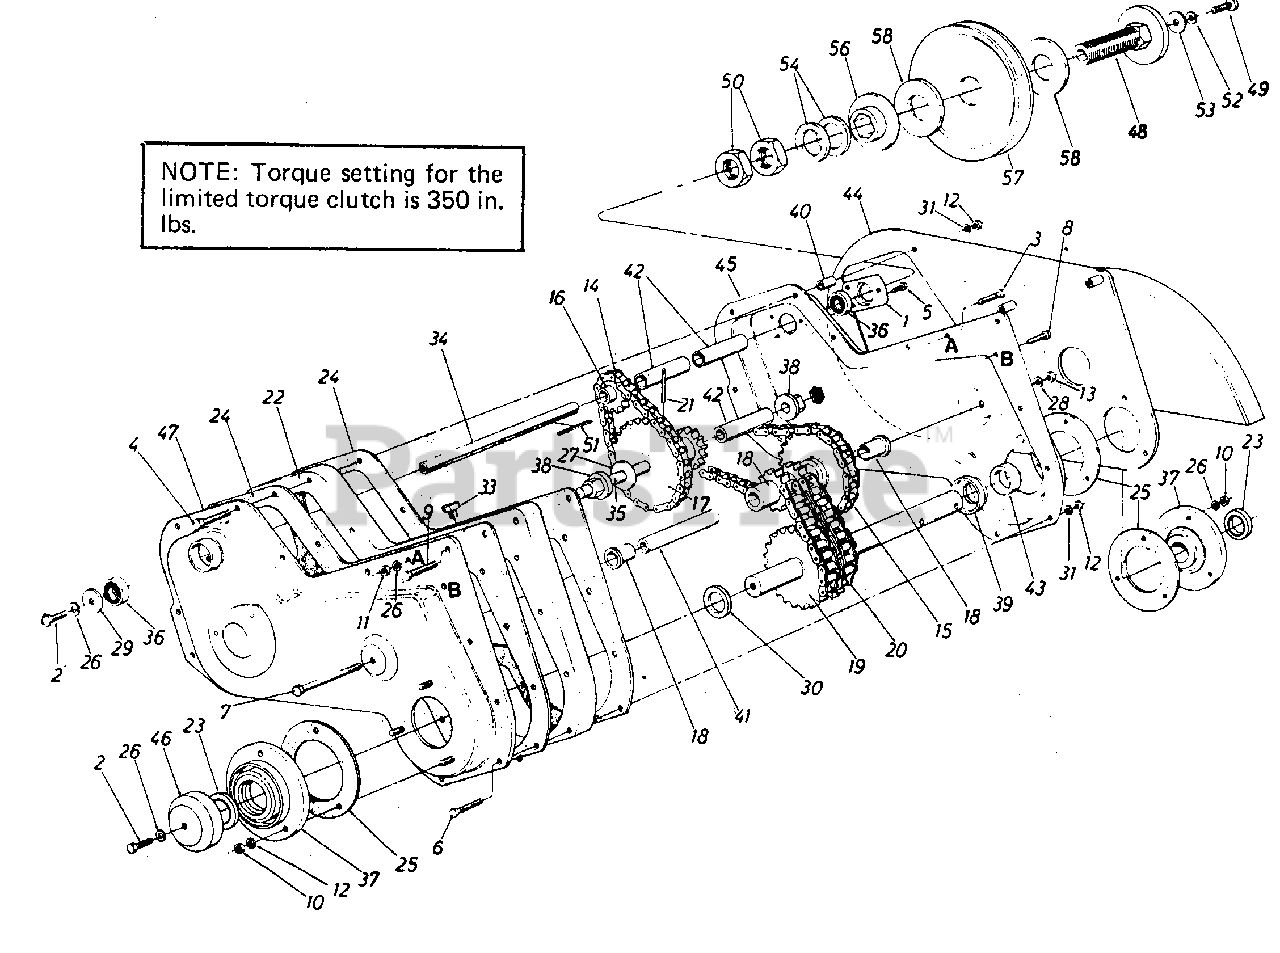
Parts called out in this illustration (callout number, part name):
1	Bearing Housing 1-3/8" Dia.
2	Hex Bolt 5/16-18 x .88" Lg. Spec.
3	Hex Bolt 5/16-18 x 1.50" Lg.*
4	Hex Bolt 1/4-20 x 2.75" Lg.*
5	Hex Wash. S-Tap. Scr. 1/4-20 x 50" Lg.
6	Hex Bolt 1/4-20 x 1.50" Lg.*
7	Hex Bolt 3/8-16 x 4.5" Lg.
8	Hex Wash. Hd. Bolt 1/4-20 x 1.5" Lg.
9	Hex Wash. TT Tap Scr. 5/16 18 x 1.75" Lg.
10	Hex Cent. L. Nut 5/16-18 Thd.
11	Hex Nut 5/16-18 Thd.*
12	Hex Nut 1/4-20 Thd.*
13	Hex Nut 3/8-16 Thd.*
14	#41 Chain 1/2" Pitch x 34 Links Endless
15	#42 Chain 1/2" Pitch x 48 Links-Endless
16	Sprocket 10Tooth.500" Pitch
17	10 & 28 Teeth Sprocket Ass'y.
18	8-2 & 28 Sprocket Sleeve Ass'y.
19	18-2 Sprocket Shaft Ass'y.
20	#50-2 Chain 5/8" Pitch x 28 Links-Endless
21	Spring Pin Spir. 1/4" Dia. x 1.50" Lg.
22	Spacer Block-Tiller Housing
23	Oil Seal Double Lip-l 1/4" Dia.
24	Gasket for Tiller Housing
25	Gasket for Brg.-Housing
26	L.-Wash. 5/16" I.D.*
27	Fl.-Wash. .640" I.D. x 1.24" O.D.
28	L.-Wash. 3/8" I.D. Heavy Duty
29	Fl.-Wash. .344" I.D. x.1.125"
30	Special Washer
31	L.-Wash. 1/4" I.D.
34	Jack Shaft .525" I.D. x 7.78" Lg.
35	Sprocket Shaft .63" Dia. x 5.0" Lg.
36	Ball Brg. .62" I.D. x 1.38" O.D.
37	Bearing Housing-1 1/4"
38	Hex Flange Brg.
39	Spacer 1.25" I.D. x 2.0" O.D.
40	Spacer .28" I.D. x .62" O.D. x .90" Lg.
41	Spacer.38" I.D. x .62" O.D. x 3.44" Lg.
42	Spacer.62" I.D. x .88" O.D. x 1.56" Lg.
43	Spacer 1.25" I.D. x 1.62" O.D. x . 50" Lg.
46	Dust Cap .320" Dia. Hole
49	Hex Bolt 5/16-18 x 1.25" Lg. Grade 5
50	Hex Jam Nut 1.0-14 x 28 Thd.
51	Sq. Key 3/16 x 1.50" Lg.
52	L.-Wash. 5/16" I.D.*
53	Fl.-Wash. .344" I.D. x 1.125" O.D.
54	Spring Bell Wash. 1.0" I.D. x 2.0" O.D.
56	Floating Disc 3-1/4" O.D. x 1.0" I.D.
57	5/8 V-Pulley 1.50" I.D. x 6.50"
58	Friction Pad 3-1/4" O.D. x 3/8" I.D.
****
- **What is expected**
Output the whole listing exactly. Pictures stay out.

- **Solution to the problem**
Parts called out in this illustration (callout number, part name):
1	Bearing Housing 1-3/8" Dia.
2	Hex Bolt 5/16-18 x .88" Lg. Spec.
3	Hex Bolt 5/16-18 x 1.50" Lg.*
4	Hex Bolt 1/4-20 x 2.75" Lg.*
5	Hex Wash. S-Tap. Scr. 1/4-20 x 50" Lg.
6	Hex Bolt 1/4-20 x 1.50" Lg.*
7	Hex Bolt 3/8-16 x 4.5" Lg.
8	Hex Wash. Hd. Bolt 1/4-20 x 1.5" Lg.
9	Hex Wash. TT Tap Scr. 5/16 18 x 1.75" Lg.
10	Hex Cent. L. Nut 5/16-18 Thd.
11	Hex Nut 5/16-18 Thd.*
12	Hex Nut 1/4-20 Thd.*
13	Hex Nut 3/8-16 Thd.*
14	#41 Chain 1/2" Pitch x 34 Links Endless
15	#42 Chain 1/2" Pitch x 48 Links-Endless
16	Sprocket 10Tooth.500" Pitch
17	10 & 28 Teeth Sprocket Ass'y.
18	8-2 & 28 Sprocket Sleeve Ass'y.
19	18-2 Sprocket Shaft Ass'y.
20	#50-2 Chain 5/8" Pitch x 28 Links-Endless
21	Spring Pin Spir. 1/4" Dia. x 1.50" Lg.
22	Spacer Block-Tiller Housing
23	Oil Seal Double Lip-l 1/4" Dia.
24	Gasket for Tiller Housing
25	Gasket for Brg.-Housing
26	L.-Wash. 5/16" I.D.*
27	Fl.-Wash. .640" I.D. x 1.24" O.D.
28	L.-Wash. 3/8" I.D. Heavy Duty
29	Fl.-Wash. .344" I.D. x.1.125"
30	Special Washer
31	L.-Wash. 1/4" I.D.
34	Jack Shaft .525" I.D. x 7.78" Lg.
35	Sprocket Shaft .63" Dia. x 5.0" Lg.
36	Ball Brg. .62" I.D. x 1.38" O.D.
37	Bearing Housing-1 1/4"
38	Hex Flange Brg.
39	Spacer 1.25" I.D. x 2.0" O.D.
40	Spacer .28" I.D. x .62" O.D. x .90" Lg.
41	Spacer.38" I.D. x .62" O.D. x 3.44" Lg.
42	Spacer.62" I.D. x .88" O.D. x 1.56" Lg.
43	Spacer 1.25" I.D. x 1.62" O.D. x . 50" Lg.
46	Dust Cap .320" Dia. Hole
49	Hex Bolt 5/16-18 x 1.25" Lg. Grade 5
50	Hex Jam Nut 1.0-14 x 28 Thd.
51	Sq. Key 3/16 x 1.50" Lg.
52	L.-Wash. 5/16" I.D.*
53	Fl.-Wash. .344" I.D. x 1.125" O.D.
54	Spring Bell Wash. 1.0" I.D. x 2.0" O.D.
56	Floating Disc 3-1/4" O.D. x 1.0" I.D.
57	5/8 V-Pulley 1.50" I.D. x 6.50"
58	Friction Pad 3-1/4" O.D. x 3/8" I.D.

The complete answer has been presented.